Your instructions
Any picture must be dropped, but each line of the data should be duplicated exactly.

Saved data entries
=======

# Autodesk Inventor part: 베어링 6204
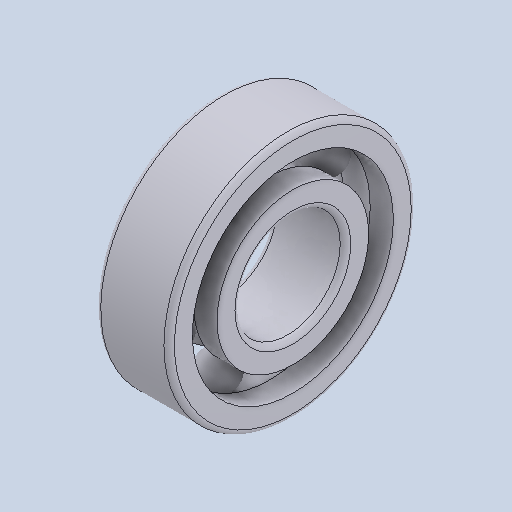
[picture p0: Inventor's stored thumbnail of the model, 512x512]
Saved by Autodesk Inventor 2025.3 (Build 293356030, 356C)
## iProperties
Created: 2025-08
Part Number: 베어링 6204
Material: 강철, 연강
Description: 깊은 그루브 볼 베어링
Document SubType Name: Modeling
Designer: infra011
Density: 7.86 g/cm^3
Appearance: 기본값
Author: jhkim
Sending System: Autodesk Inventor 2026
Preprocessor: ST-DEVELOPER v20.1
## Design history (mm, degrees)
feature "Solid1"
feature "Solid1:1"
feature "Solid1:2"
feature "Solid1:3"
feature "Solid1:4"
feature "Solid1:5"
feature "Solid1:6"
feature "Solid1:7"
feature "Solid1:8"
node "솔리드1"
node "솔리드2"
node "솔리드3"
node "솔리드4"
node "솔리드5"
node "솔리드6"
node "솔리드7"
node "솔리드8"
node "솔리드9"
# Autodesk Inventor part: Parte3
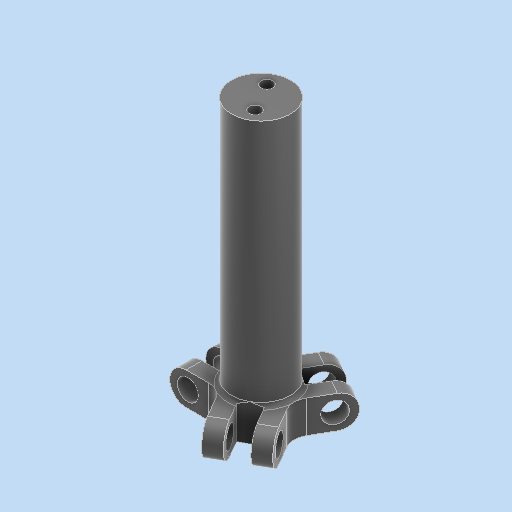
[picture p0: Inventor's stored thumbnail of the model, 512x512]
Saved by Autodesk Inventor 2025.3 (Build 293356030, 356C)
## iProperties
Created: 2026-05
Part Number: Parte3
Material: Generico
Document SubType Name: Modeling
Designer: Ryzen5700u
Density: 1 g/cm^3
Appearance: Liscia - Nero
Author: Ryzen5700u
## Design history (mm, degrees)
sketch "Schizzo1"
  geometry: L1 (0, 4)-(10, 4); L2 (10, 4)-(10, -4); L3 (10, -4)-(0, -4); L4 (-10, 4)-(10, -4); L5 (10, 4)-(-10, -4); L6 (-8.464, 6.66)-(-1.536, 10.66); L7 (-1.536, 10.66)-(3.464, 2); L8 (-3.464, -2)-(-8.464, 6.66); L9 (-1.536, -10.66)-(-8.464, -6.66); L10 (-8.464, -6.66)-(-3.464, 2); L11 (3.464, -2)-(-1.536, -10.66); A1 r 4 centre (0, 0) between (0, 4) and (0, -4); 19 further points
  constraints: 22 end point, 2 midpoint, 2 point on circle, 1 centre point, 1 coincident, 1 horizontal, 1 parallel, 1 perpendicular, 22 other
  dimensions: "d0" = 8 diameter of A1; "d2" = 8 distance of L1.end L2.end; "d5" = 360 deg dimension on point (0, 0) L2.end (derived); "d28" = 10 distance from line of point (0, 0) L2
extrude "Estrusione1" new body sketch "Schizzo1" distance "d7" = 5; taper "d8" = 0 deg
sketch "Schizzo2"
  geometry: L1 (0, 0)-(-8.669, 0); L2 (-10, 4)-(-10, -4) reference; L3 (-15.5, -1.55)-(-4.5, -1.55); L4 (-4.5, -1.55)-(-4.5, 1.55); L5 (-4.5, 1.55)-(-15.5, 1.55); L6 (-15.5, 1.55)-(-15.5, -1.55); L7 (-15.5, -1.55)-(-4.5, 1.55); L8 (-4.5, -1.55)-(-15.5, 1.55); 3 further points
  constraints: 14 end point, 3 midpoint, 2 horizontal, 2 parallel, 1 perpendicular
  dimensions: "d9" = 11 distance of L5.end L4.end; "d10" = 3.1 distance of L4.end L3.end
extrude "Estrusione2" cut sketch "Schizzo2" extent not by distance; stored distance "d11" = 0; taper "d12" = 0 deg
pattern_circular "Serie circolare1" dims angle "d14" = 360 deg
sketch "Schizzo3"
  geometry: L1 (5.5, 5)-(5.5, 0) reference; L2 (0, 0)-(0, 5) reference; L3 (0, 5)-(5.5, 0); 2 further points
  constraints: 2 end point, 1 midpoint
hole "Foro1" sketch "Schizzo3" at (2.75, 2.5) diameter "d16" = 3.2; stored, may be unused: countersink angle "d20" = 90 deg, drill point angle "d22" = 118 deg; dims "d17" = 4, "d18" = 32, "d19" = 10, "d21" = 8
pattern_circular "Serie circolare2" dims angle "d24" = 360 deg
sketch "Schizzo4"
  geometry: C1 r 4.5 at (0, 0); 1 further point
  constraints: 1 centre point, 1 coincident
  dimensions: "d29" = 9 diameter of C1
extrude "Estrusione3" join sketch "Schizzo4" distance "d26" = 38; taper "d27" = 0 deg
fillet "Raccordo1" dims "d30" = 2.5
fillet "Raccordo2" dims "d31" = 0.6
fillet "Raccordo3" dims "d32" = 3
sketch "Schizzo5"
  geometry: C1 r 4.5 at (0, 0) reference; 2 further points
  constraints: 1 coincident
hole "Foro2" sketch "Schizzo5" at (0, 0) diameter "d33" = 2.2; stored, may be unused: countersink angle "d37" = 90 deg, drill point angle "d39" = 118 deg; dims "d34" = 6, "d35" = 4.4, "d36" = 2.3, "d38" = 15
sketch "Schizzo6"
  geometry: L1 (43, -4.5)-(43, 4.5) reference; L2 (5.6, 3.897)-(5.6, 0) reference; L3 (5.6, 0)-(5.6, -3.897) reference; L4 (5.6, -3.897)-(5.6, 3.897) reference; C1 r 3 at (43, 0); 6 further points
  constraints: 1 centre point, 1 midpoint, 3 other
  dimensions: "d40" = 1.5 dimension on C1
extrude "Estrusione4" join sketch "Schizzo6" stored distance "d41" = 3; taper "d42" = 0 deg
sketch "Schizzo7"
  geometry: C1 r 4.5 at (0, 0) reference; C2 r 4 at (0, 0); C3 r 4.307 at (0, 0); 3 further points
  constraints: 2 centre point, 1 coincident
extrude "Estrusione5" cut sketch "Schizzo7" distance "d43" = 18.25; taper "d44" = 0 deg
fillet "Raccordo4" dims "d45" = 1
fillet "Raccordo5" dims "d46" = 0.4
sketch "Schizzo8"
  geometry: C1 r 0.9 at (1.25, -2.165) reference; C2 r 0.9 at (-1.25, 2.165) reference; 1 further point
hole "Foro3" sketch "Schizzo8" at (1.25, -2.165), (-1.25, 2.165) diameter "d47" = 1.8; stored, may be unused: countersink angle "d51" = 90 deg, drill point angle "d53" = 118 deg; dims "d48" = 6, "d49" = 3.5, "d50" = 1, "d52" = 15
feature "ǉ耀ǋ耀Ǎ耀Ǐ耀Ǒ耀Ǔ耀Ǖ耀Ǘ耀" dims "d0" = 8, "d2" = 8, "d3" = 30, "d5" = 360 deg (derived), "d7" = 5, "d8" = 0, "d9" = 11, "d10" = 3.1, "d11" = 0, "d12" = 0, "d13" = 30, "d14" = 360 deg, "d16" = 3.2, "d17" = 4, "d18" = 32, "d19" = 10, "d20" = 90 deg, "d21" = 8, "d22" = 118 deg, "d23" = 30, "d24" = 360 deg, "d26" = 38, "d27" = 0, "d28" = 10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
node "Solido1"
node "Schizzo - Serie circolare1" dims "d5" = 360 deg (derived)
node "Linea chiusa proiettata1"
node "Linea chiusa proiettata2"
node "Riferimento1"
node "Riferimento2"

=======

Result of the task
# Autodesk Inventor part: 베어링 6204
[picture p0: Inventor's stored thumbnail of the model, 512x512]
Saved by Autodesk Inventor 2025.3 (Build 293356030, 356C)
## iProperties
Created: 2025-08
Part Number: 베어링 6204
Material: 강철, 연강
Description: 깊은 그루브 볼 베어링
Document SubType Name: Modeling
Designer: infra011
Density: 7.86 g/cm^3
Appearance: 기본값
Author: jhkim
Sending System: Autodesk Inventor 2026
Preprocessor: ST-DEVELOPER v20.1
## Design history (mm, degrees)
feature "Solid1"
feature "Solid1:1"
feature "Solid1:2"
feature "Solid1:3"
feature "Solid1:4"
feature "Solid1:5"
feature "Solid1:6"
feature "Solid1:7"
feature "Solid1:8"
node "솔리드1"
node "솔리드2"
node "솔리드3"
node "솔리드4"
node "솔리드5"
node "솔리드6"
node "솔리드7"
node "솔리드8"
node "솔리드9"
# Autodesk Inventor part: Parte3
[picture p0: Inventor's stored thumbnail of the model, 512x512]
Saved by Autodesk Inventor 2025.3 (Build 293356030, 356C)
## iProperties
Created: 2026-05
Part Number: Parte3
Material: Generico
Document SubType Name: Modeling
Designer: Ryzen5700u
Density: 1 g/cm^3
Appearance: Liscia - Nero
Author: Ryzen5700u
## Design history (mm, degrees)
sketch "Schizzo1"
  geometry: L1 (0, 4)-(10, 4); L2 (10, 4)-(10, -4); L3 (10, -4)-(0, -4); L4 (-10, 4)-(10, -4); L5 (10, 4)-(-10, -4); L6 (-8.464, 6.66)-(-1.536, 10.66); L7 (-1.536, 10.66)-(3.464, 2); L8 (-3.464, -2)-(-8.464, 6.66); L9 (-1.536, -10.66)-(-8.464, -6.66); L10 (-8.464, -6.66)-(-3.464, 2); L11 (3.464, -2)-(-1.536, -10.66); A1 r 4 centre (0, 0) between (0, 4) and (0, -4); 19 further points
  constraints: 22 end point, 2 midpoint, 2 point on circle, 1 centre point, 1 coincident, 1 horizontal, 1 parallel, 1 perpendicular, 22 other
  dimensions: "d0" = 8 diameter of A1; "d2" = 8 distance of L1.end L2.end; "d5" = 360 deg dimension on point (0, 0) L2.end (derived); "d28" = 10 distance from line of point (0, 0) L2
extrude "Estrusione1" new body sketch "Schizzo1" distance "d7" = 5; taper "d8" = 0 deg
sketch "Schizzo2"
  geometry: L1 (0, 0)-(-8.669, 0); L2 (-10, 4)-(-10, -4) reference; L3 (-15.5, -1.55)-(-4.5, -1.55); L4 (-4.5, -1.55)-(-4.5, 1.55); L5 (-4.5, 1.55)-(-15.5, 1.55); L6 (-15.5, 1.55)-(-15.5, -1.55); L7 (-15.5, -1.55)-(-4.5, 1.55); L8 (-4.5, -1.55)-(-15.5, 1.55); 3 further points
  constraints: 14 end point, 3 midpoint, 2 horizontal, 2 parallel, 1 perpendicular
  dimensions: "d9" = 11 distance of L5.end L4.end; "d10" = 3.1 distance of L4.end L3.end
extrude "Estrusione2" cut sketch "Schizzo2" extent not by distance; stored distance "d11" = 0; taper "d12" = 0 deg
pattern_circular "Serie circolare1" dims angle "d14" = 360 deg
sketch "Schizzo3"
  geometry: L1 (5.5, 5)-(5.5, 0) reference; L2 (0, 0)-(0, 5) reference; L3 (0, 5)-(5.5, 0); 2 further points
  constraints: 2 end point, 1 midpoint
hole "Foro1" sketch "Schizzo3" at (2.75, 2.5) diameter "d16" = 3.2; stored, may be unused: countersink angle "d20" = 90 deg, drill point angle "d22" = 118 deg; dims "d17" = 4, "d18" = 32, "d19" = 10, "d21" = 8
pattern_circular "Serie circolare2" dims angle "d24" = 360 deg
sketch "Schizzo4"
  geometry: C1 r 4.5 at (0, 0); 1 further point
  constraints: 1 centre point, 1 coincident
  dimensions: "d29" = 9 diameter of C1
extrude "Estrusione3" join sketch "Schizzo4" distance "d26" = 38; taper "d27" = 0 deg
fillet "Raccordo1" dims "d30" = 2.5
fillet "Raccordo2" dims "d31" = 0.6
fillet "Raccordo3" dims "d32" = 3
sketch "Schizzo5"
  geometry: C1 r 4.5 at (0, 0) reference; 2 further points
  constraints: 1 coincident
hole "Foro2" sketch "Schizzo5" at (0, 0) diameter "d33" = 2.2; stored, may be unused: countersink angle "d37" = 90 deg, drill point angle "d39" = 118 deg; dims "d34" = 6, "d35" = 4.4, "d36" = 2.3, "d38" = 15
sketch "Schizzo6"
  geometry: L1 (43, -4.5)-(43, 4.5) reference; L2 (5.6, 3.897)-(5.6, 0) reference; L3 (5.6, 0)-(5.6, -3.897) reference; L4 (5.6, -3.897)-(5.6, 3.897) reference; C1 r 3 at (43, 0); 6 further points
  constraints: 1 centre point, 1 midpoint, 3 other
  dimensions: "d40" = 1.5 dimension on C1
extrude "Estrusione4" join sketch "Schizzo6" stored distance "d41" = 3; taper "d42" = 0 deg
sketch "Schizzo7"
  geometry: C1 r 4.5 at (0, 0) reference; C2 r 4 at (0, 0); C3 r 4.307 at (0, 0); 3 further points
  constraints: 2 centre point, 1 coincident
extrude "Estrusione5" cut sketch "Schizzo7" distance "d43" = 18.25; taper "d44" = 0 deg
fillet "Raccordo4" dims "d45" = 1
fillet "Raccordo5" dims "d46" = 0.4
sketch "Schizzo8"
  geometry: C1 r 0.9 at (1.25, -2.165) reference; C2 r 0.9 at (-1.25, 2.165) reference; 1 further point
hole "Foro3" sketch "Schizzo8" at (1.25, -2.165), (-1.25, 2.165) diameter "d47" = 1.8; stored, may be unused: countersink angle "d51" = 90 deg, drill point angle "d53" = 118 deg; dims "d48" = 6, "d49" = 3.5, "d50" = 1, "d52" = 15
feature "ǉ耀ǋ耀Ǎ耀Ǐ耀Ǒ耀Ǔ耀Ǖ耀Ǘ耀" dims "d0" = 8, "d2" = 8, "d3" = 30, "d5" = 360 deg (derived), "d7" = 5, "d8" = 0, "d9" = 11, "d10" = 3.1, "d11" = 0, "d12" = 0, "d13" = 30, "d14" = 360 deg, "d16" = 3.2, "d17" = 4, "d18" = 32, "d19" = 10, "d20" = 90 deg, "d21" = 8, "d22" = 118 deg, "d23" = 30, "d24" = 360 deg, "d26" = 38, "d27" = 0, "d28" = 10
node "Solido1"
node "Schizzo - Serie circolare1" dims "d5" = 360 deg (derived)
node "Linea chiusa proiettata1"
node "Linea chiusa proiettata2"
node "Riferimento1"
node "Riferimento2"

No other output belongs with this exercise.